Dataset entries
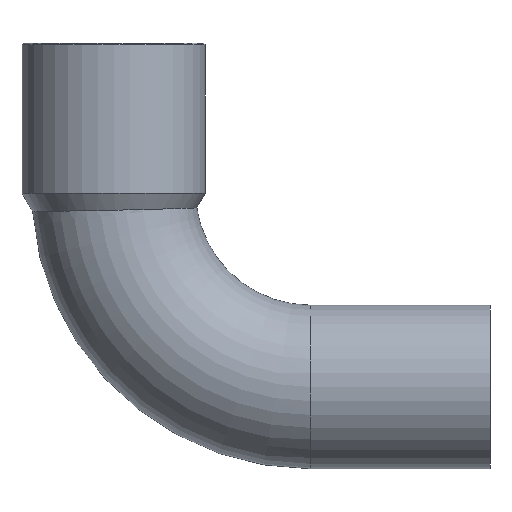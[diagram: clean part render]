
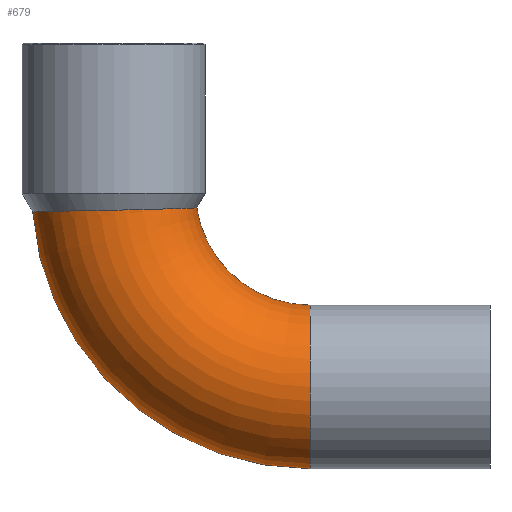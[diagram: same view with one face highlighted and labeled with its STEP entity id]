
A CAD part, front view. The second image highlights one B-rep face of the part: STEP entity #679.
In plain terms, the highlighted toroidal (fillet/blend) face has major radius 12 mm and minor radius 5 mm.
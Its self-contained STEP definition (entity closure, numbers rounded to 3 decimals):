
#49=CARTESIAN_POINT('',(5.084,0.,-1.284));
#50=VERTEX_POINT('',#49);
#51=CARTESIAN_POINT('',(22.035,0.,-17.0));
#52=VERTEX_POINT('',#51);
#53=CARTESIAN_POINT('',(22.035,0.,0.0));
#54=DIRECTION('',(0.0,-1.0,0.0));
#55=DIRECTION('',(0.0,0.0,-1.0));
#56=AXIS2_PLACEMENT_3D('',#53,#54,#55);
#57=CIRCLE('',#56,17.0);
#58=EDGE_CURVE('',#50,#52,#57,.T.);
#60=CARTESIAN_POINT('',(15.116,0.,-1.06));
#61=VERTEX_POINT('',#60);
#85=CARTESIAN_POINT('',(22.035,0.,-7.0));
#86=VERTEX_POINT('',#85);
#87=CARTESIAN_POINT('',(22.035,0.,0.0));
#88=DIRECTION('',(0.0,1.0,0.0));
#89=DIRECTION('',(0.0,0.0,-1.0));
#90=AXIS2_PLACEMENT_3D('',#87,#88,#89);
#91=CIRCLE('',#90,7.0);
#92=EDGE_CURVE('',#86,#61,#91,.T.);
#210=CARTESIAN_POINT('',(15.116,0.,-1.06));
#211=CARTESIAN_POINT('',(15.116,-0.042,-1.06));
#212=CARTESIAN_POINT('',(15.115,-0.084,-1.06));
#213=CARTESIAN_POINT('',(15.098,-0.776,-1.061));
#214=CARTESIAN_POINT('',(14.954,-1.415,-1.066));
#215=CARTESIAN_POINT('',(14.428,-2.607,-1.085));
#216=CARTESIAN_POINT('',(14.05,-3.147,-1.098));
#217=CARTESIAN_POINT('',(13.106,-4.053,-1.126));
#218=CARTESIAN_POINT('',(12.549,-4.41,-1.142));
#219=CARTESIAN_POINT('',(11.329,-4.89,-1.173));
#220=CARTESIAN_POINT('',(10.679,-5.009,-1.187));
#221=CARTESIAN_POINT('',(9.371,-4.99,-1.214));
#222=CARTESIAN_POINT('',(8.725,-4.854,-1.226));
#223=CARTESIAN_POINT('',(7.525,-4.342,-1.247));
#224=CARTESIAN_POINT('',(6.981,-3.971,-1.256));
#225=CARTESIAN_POINT('',(6.066,-3.044,-1.27));
#226=CARTESIAN_POINT('',(5.704,-2.497,-1.275));
#227=CARTESIAN_POINT('',(5.211,-1.294,-1.282));
#228=CARTESIAN_POINT('',(5.084,-0.65,-1.284));
#229=CARTESIAN_POINT('',(5.084,0.,-1.284));
#230=B_SPLINE_CURVE_WITH_KNOTS('',3,(#210,#211,#212,#213,#214,#215,#216,#217,#218,#219,#220,#221,#222,#223,#224,#225,#226,#227,#228,#229),.UNSPECIFIED.,.F.,.U.,(4,2,2,2,2,2,2,2,2,4),(-1.578,-1.566,-1.371,-1.175,-0.978,-0.782,-0.586,-0.39,-0.195,0.0),.UNSPECIFIED.);
#231=EDGE_CURVE('',#61,#50,#230,.T.);
#535=CARTESIAN_POINT('',(22.035,0.,-12.0));
#536=DIRECTION('',(-1.0,0.0,0.0));
#537=DIRECTION('',(0.0,0.0,-1.0));
#538=AXIS2_PLACEMENT_3D('',#535,#536,#537);
#539=CIRCLE('',#538,5.0);
#540=EDGE_CURVE('',#52,#86,#539,.T.);
#668=CARTESIAN_POINT('',(22.035,0.,0.0));
#669=DIRECTION('',(0.0,-1.0,0.0));
#670=DIRECTION('',(0.0,0.0,-1.0));
#671=AXIS2_PLACEMENT_3D('',#668,#669,#670);
#672=TOROIDAL_SURFACE('',#671,12.0,5.0);
#673=ORIENTED_EDGE('',*,*,#58,.T.);
#674=ORIENTED_EDGE('',*,*,#540,.T.);
#675=ORIENTED_EDGE('',*,*,#92,.T.);
#676=ORIENTED_EDGE('',*,*,#231,.T.);
#677=EDGE_LOOP('',(#673,#674,#675,#676));
#678=FACE_OUTER_BOUND('',#677,.T.);
#679=ADVANCED_FACE('',(#678),#672,.T.);

> Task: Output only the lines from the one that contains "#675=ORIENTED_EDGE('',*,*,#92,.T.);" through the final line of the records, exactly as given.

> Task response:
#675=ORIENTED_EDGE('',*,*,#92,.T.);
#676=ORIENTED_EDGE('',*,*,#231,.T.);
#677=EDGE_LOOP('',(#673,#674,#675,#676));
#678=FACE_OUTER_BOUND('',#677,.T.);
#679=ADVANCED_FACE('',(#678),#672,.T.);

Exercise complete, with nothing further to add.